Tanpa Islam Tidak Ada Indonesia

240
Aksi umat Islam. (Foto: japantimes.co.jp)

Judul Buku: Jejak Perjuangan Para Tokoh Muslim Mengawal NKRI 

Penulis: Lukman Hakiem

Kata Pengantar: Prof. Dr. Laode M. Kamaluddin

Jumlah halaman: xix + 352

Penerbit: Pustaka Al-Kautsar, Jakarta, 2018

 

PADA pertengahan 1990-an sejarawan terkemuka Taufik Abdullah –seperti dikutip majalah Media Dakwah No. 241, Muharram 1415/Juli 1994–  meresensi buku Muslims Through Discourse. Buku ini tidak berbicara mengenai umat Islam di Saudi Arabia atau kaum Muslim di Pakistan.

Buku ini membahas mengenai masyarakat Muslim di Gayo, Aceh Tengah. Salah satu kesimpulan akhir buku itu adalah masyarakat Gayo memperoleh kesadaran sebagai bagian dari bangsa tidak melalui proses peralihan yang oleh Cliffofd Geertz disebut “dari masyarakat lama (old society) ke negara baru  (new state),” melainkan melalui wacana Islam.
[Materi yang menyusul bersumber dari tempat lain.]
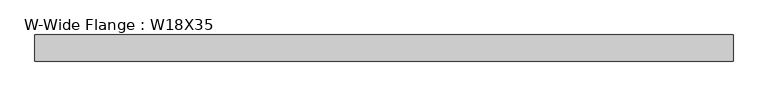
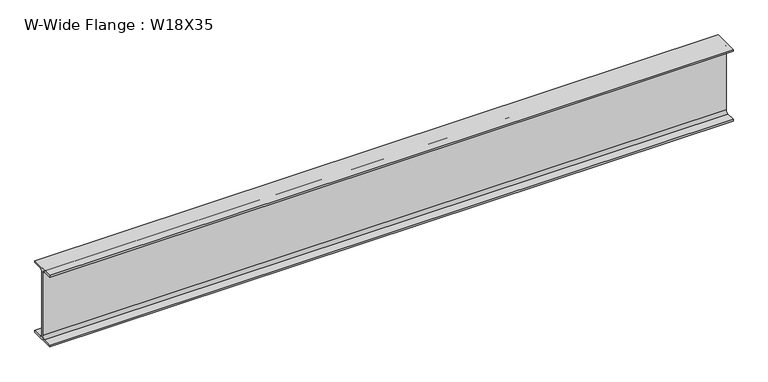
"""IFC4 building model written with IfcOpenShell, lengths in millimetres: beam geometry, W-Wide Flange : W18X35."""

from ifc_helpers import new_model, si_unit, point, frame, frame_2d, origin, place, context, project, spatial, polyline, circle_curve, trimmed, segment, composite_curve, outline, extrude, source, transform, mapped, element, save


def w_wide_flange_w18x35_de695320(model_context):
    return source(origin(), model_context, "Body", "SweptSolid", [
        extrude(outline(composite_curve([segment(polyline([(76.2, -213.995), (76.2, -224.79), (-76.2, -224.79), (-76.2, -213.995), (-21.59, -213.995)]), True, "CONTINUOUS"), segment(trimmed(circle_curve(frame_2d((-21.59, -196.215)), 17.78), [point((-21.59, -213.995))], [point((-3.81, -196.215))], True, "CARTESIAN"), True, "CONTINUOUS"), segment(polyline([(-3.81, -196.215), (-3.81, 196.215)]), True, "CONTINUOUS"), segment(trimmed(circle_curve(frame_2d((-21.59, 196.215)), 17.78), [point((-3.81, 196.215))], [point((-21.59, 213.995))], True, "CARTESIAN"), True, "CONTINUOUS"), segment(polyline([(-21.59, 213.995), (-76.2, 213.995), (-76.2, 224.79), (76.2, 224.79), (76.2, 213.995), (21.59, 213.995)]), True, "CONTINUOUS"), segment(trimmed(circle_curve(frame_2d((21.59, 196.215)), 17.78), [point((21.59, 213.995))], [point((3.81, 196.215))], True, "CARTESIAN"), True, "CONTINUOUS"), segment(polyline([(3.81, 196.215), (3.81, -196.215)]), True, "CONTINUOUS"), segment(trimmed(circle_curve(frame_2d((21.59, -196.215)), 17.78), [point((3.81, -196.215))], [point((21.59, -213.995))], True, "CARTESIAN"), True, "CONTINUOUS"), segment(polyline([(21.59, -213.995), (76.2, -213.995)]), True, "CONTINUOUS")], self_intersect=False)), frame((-2133.467846, 0.0, 0.0), z_axis=(1.0, 0.0, 0.0), x_axis=(0.0, 1.0, 0.0)), (0.0, 0.0, 1.0), 4067.545692),
    ])


if __name__ == "__main__":
    model = new_model("IFC4")
    model_context = context("Model", 3, world=origin())
    ifc_project = project(units=[si_unit("LENGTHUNIT", "METRE", prefix="MILLI")], contexts=[model_context])
    site = spatial("IfcSite", under=ifc_project)
    building = spatial("IfcBuilding", under=site)
    placement = place(None, origin())
    w_wide_flange_w18x35_shape = w_wide_flange_w18x35_de695320(model_context)
    element("IfcBeam", 1, ObjectType="W-Wide Flange : W18X35", at=placement, inside=building, context=model_context, shape_type="MappedRepresentation", body=[
        mapped(w_wide_flange_w18x35_shape, transform((0.0, 0.0, 0.0), x_axis=(1.0, 0.0, 0.0), y_axis=(0.0, 1.0, 0.0), z_axis=(0.0, 0.0, 1.0))),
    ])
    save(model, "model.ifc")

# Revit data of these elements
# Type "W-Wide Flange : W18X35"
#   Assembly Code = "B10"
#   W = 35
#   Start Extension Calculation [instance default] = 10' - 0"
#   Start Extension [instance default] = -0' - 0 1/2"
#   End Extension Calculation [instance default] = 10' - 0"
#   End Extension [instance default] = -0' - 0 1/2"
#   Length [instance default] = 5' - 0"
#   bf = 0' - 6"
#   d = 1' - 5.7"
#   k = 0' - 1 1/8"
#   k2 = 0' - 0.7"
#   tf = 0' - 0.425"
#   tw = 0' - 0.3"
#   A = 0.0715278 SF
#   Beam Material [instance default] = Metal - Steel - ASTM A992
# Element 1 (IfcBeam, "W-Wide Flange : W18X35")
#   Materials on its faces: "Metal - Steel - ASTM A992"
# Materials
#   "Metal - Steel - ASTM A992": class "Metal", colour RGB 128 0 0, transparency 0

Melalui diskursus Islam, masyarakat Gayo merasa menjadi bagian dari bangsa Indonesia.

Di daerah-daerah lain seperti di Sumatera Barat dan Tapanuli Selatan, Taufik menyakini prosesnya sama dengan Gayo. Taufik menduga di Kalimantan Selatan juga terjadi proses seperti itu.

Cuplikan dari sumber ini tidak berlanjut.